JoWUA

Abstract

Environmental monitoring systems for remote areas and areas with limited resources are constantly generating large volumes of time-series sensor data, resulting in excessive energy consumption, storage overhead and scalability issues. Traditional static and event-driven sampling techniques are likely to yield redundant information, reducing operational sustainability and efficiency. To address the above-mentioned limitations, the present study proposes a novel framework, Adaptive Time-Based Data Reduction with Blockchain (ATDR-BC), which combines dynamic timestamp-based data sampling, Isolation Forest-based anomaly detection, and Merkle Tree-enabled decentralised storage. The proposed framework is an intelligent way to adjust sampling intervals based on environmental stability, without compromising critical anomaly detection or tamper-resistant data integrity in a hybrid on-chain/off-chain blockchain model. Experimental evaluation based on actual environmental sensor data shows that ATDR-BC can achieve an average data reduction rate of 45-60%, and the maximum data reduction rate is 70% under stable conditions.

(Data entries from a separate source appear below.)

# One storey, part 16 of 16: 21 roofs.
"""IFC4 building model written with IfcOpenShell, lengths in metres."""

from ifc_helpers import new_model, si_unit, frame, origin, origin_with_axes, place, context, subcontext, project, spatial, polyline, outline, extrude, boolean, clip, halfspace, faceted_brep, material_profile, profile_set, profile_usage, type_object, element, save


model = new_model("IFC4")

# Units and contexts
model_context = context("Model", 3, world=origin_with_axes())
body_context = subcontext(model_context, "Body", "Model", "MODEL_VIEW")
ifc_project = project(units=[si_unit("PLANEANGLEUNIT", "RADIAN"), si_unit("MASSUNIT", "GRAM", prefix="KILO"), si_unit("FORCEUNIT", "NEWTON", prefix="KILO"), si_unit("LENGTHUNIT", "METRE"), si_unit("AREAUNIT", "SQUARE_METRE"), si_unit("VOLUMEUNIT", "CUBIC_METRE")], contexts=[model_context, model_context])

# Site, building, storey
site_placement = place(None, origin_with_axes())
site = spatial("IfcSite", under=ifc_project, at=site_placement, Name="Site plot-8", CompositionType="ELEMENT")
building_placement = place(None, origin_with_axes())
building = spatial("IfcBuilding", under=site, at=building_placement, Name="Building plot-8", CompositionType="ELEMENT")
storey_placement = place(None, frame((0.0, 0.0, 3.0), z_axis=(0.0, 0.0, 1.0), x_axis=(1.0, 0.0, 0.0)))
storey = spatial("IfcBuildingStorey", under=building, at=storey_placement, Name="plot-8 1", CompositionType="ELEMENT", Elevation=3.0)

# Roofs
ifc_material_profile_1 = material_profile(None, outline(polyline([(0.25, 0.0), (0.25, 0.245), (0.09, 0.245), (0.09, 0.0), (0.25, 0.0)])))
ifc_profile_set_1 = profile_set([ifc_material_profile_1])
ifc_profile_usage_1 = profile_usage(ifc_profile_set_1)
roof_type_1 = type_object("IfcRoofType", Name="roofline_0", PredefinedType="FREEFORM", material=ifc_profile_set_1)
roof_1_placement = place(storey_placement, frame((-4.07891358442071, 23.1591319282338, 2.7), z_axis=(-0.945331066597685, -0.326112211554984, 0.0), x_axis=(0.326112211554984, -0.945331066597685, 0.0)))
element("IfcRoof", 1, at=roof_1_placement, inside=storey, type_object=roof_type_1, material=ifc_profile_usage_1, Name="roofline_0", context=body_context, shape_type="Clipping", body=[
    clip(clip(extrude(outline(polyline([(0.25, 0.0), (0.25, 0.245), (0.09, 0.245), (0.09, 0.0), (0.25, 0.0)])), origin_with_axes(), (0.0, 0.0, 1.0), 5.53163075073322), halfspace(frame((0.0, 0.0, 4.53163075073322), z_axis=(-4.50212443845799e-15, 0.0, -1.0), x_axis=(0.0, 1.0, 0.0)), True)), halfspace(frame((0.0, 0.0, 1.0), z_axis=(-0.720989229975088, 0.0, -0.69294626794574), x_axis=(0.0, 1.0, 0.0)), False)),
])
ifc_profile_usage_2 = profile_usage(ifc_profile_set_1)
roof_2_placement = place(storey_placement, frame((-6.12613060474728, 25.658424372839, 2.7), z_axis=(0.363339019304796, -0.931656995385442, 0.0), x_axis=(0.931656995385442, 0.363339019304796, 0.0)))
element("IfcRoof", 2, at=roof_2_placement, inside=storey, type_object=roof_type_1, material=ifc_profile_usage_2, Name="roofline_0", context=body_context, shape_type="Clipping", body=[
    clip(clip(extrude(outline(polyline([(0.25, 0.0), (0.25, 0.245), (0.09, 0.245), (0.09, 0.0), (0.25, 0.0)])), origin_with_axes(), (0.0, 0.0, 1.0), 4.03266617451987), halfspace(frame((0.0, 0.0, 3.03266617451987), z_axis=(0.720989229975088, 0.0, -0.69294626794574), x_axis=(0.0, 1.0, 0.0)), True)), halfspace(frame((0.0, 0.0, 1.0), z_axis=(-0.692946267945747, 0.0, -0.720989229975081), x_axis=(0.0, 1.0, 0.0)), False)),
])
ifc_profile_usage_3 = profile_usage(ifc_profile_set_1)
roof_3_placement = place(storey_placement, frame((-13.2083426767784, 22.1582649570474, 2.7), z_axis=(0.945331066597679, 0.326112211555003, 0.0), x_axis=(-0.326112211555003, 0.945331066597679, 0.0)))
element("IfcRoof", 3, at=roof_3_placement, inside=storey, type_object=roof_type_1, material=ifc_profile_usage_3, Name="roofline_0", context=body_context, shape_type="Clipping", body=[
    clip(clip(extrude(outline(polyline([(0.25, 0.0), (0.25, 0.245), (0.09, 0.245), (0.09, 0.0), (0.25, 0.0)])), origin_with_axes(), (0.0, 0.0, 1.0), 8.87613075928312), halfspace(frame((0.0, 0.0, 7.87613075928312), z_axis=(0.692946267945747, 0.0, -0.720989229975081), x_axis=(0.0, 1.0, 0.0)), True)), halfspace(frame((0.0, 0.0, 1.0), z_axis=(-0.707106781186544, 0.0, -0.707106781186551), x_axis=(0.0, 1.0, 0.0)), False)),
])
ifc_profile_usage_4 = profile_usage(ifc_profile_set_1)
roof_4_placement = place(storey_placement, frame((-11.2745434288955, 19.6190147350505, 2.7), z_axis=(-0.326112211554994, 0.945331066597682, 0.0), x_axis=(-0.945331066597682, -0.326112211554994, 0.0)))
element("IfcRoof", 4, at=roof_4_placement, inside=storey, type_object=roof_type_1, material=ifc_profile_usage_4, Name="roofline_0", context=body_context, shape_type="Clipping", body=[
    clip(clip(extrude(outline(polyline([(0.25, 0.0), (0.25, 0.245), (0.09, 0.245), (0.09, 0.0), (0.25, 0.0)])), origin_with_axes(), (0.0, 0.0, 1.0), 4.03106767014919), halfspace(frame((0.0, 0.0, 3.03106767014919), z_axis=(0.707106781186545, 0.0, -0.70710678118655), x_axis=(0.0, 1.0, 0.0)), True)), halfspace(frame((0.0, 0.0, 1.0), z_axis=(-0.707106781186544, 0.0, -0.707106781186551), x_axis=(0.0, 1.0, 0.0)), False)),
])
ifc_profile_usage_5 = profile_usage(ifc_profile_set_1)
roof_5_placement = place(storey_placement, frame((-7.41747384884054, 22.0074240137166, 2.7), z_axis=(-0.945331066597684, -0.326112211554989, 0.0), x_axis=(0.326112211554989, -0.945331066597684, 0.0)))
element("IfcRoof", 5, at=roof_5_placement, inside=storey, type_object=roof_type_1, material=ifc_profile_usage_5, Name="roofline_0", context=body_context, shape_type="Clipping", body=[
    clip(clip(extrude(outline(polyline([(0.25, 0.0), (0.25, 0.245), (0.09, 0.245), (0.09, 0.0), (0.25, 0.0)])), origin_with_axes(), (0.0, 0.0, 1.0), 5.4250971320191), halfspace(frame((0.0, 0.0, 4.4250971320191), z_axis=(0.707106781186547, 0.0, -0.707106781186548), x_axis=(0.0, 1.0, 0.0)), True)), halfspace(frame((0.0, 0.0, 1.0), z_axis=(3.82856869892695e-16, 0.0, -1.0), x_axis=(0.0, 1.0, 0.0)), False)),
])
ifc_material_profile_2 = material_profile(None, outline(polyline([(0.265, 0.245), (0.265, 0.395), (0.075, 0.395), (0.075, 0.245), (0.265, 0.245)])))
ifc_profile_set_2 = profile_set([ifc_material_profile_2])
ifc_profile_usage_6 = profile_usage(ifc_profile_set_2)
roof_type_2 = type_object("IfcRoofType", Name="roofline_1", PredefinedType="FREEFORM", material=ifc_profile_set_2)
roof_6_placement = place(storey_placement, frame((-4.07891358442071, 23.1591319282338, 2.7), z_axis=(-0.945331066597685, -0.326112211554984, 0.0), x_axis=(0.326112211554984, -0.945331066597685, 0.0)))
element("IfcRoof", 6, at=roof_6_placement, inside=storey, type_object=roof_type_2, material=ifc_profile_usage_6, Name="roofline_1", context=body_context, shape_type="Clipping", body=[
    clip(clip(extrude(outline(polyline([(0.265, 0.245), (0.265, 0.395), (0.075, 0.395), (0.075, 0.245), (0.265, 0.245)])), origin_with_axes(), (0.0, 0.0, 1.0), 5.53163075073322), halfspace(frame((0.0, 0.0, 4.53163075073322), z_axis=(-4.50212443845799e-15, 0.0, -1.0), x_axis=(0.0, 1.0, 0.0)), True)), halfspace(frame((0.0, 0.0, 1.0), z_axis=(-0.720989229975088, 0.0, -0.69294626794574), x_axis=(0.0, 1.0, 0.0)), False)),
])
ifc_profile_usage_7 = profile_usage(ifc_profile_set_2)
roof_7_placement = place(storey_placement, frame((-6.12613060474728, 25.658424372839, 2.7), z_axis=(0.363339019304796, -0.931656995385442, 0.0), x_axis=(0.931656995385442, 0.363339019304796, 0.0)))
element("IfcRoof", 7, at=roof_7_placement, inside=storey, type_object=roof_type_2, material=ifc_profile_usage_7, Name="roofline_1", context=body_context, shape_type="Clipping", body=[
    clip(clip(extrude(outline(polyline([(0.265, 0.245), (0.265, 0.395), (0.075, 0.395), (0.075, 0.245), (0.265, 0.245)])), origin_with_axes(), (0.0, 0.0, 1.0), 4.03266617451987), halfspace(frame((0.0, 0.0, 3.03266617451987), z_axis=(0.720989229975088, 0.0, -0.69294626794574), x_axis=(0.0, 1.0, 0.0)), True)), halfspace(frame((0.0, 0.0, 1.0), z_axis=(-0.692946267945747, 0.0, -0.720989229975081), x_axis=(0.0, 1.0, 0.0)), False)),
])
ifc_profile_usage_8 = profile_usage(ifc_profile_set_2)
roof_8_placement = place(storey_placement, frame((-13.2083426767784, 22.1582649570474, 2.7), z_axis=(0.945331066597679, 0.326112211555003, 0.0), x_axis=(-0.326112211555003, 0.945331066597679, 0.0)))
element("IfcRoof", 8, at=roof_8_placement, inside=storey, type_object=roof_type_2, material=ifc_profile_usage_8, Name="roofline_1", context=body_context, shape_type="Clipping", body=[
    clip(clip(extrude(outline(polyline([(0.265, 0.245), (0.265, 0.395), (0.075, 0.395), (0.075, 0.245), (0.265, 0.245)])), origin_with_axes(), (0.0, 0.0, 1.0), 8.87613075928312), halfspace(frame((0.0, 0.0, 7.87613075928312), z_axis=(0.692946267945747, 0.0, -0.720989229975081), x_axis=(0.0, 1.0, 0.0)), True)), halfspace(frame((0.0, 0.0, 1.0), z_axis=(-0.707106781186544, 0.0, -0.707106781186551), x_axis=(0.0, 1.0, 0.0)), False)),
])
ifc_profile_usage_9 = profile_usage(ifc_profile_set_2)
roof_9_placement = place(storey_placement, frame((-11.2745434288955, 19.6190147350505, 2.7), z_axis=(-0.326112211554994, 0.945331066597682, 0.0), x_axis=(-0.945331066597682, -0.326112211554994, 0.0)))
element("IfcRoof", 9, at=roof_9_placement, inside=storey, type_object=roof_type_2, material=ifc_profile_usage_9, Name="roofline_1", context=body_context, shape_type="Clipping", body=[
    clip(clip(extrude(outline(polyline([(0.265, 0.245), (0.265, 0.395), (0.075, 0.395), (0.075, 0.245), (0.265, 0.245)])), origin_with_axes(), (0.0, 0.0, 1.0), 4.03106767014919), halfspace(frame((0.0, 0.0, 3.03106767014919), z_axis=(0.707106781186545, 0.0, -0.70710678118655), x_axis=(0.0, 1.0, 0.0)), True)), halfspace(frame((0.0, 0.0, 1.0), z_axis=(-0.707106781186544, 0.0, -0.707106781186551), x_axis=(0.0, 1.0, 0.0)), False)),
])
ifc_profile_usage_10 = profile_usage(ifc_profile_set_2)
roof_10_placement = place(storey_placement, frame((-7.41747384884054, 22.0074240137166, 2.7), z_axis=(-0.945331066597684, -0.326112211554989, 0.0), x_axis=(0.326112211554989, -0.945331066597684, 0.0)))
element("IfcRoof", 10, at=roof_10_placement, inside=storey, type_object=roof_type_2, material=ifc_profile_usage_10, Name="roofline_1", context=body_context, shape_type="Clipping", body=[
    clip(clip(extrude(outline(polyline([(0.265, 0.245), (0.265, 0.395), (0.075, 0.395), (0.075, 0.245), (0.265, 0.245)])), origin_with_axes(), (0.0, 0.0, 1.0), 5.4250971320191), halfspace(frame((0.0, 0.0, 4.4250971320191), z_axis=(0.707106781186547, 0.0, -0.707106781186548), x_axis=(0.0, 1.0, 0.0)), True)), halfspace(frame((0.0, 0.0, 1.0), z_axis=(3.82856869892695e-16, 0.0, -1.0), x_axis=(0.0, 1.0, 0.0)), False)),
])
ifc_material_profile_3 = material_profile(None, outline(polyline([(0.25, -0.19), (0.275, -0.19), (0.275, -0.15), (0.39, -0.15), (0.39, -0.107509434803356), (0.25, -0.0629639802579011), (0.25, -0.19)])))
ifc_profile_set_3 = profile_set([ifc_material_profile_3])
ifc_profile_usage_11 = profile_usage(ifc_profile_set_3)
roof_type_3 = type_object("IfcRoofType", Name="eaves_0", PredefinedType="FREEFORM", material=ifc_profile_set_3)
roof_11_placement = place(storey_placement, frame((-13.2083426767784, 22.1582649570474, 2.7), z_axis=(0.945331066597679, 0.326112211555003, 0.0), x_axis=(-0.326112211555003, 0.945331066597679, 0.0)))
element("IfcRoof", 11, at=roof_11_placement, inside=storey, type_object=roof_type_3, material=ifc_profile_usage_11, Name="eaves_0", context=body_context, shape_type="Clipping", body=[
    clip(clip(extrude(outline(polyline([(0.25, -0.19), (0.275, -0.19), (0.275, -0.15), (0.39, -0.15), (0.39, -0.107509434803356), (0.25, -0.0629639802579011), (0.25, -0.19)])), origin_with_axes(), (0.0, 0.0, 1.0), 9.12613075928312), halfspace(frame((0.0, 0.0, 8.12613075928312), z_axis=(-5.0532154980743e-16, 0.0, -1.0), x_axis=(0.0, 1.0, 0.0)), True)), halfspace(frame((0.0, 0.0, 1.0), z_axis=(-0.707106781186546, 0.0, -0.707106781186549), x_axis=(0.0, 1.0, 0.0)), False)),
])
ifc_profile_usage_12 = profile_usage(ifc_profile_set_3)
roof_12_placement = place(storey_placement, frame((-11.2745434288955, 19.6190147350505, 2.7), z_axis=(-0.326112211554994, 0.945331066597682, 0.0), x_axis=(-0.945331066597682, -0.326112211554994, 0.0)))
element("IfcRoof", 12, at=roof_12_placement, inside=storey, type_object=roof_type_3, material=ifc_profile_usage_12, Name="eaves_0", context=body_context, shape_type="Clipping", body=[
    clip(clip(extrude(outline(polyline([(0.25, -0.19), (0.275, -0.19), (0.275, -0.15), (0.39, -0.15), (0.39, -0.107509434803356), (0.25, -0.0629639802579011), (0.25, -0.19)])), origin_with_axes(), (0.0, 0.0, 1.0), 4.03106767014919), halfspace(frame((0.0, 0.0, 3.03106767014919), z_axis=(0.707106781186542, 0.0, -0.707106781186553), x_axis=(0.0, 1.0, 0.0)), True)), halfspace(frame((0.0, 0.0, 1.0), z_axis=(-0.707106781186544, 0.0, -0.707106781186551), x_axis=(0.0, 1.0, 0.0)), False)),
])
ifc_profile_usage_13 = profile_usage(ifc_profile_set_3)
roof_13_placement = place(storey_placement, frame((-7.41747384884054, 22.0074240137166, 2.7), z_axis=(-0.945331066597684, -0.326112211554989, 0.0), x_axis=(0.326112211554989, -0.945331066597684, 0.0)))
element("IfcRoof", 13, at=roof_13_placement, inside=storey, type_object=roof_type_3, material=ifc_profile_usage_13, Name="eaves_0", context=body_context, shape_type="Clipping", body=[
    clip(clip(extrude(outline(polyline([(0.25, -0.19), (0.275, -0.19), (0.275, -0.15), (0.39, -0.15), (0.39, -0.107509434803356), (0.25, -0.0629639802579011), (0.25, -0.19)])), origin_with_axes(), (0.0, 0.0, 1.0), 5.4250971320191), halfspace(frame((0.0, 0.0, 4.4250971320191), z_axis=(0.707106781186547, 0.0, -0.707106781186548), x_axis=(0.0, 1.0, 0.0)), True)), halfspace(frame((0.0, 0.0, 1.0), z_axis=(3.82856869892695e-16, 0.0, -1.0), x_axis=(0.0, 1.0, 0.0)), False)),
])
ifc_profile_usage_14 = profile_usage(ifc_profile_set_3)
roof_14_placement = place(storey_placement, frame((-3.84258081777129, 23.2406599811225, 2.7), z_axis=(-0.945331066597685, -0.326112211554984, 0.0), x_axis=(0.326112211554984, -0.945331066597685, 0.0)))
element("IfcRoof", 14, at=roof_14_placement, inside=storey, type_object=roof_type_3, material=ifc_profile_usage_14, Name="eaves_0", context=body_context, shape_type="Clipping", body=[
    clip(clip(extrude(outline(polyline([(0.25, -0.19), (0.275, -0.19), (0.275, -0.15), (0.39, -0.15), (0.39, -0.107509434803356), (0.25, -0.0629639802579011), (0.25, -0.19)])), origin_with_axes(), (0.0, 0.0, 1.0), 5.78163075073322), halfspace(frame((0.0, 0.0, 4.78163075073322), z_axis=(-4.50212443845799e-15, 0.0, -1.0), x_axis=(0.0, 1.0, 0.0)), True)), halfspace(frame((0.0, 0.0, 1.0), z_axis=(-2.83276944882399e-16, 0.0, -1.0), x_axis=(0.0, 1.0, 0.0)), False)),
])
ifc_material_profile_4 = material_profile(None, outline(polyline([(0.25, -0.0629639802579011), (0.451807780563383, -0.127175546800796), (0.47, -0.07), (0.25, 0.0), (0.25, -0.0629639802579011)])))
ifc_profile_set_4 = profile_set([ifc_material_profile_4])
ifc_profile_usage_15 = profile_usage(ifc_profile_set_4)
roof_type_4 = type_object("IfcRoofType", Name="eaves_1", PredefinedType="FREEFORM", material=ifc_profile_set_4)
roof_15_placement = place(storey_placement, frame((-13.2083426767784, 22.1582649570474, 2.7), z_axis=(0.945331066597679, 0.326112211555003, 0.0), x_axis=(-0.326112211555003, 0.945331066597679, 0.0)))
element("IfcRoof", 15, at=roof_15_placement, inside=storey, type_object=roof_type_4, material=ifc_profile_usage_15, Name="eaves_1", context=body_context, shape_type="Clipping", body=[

The approach leads to 35-50% reduction in energy consumption compared to conventional sampling methods with high reconstruction accuracy (96.59%) and RMSE values that are smaller than 5%. These results confirm that ATDR-BC provides a good balance between energy efficiency, data reliability and storage optimisation and can be used for applications involving long-term deployment in remote and resource-limited applications such as environmental monitoring.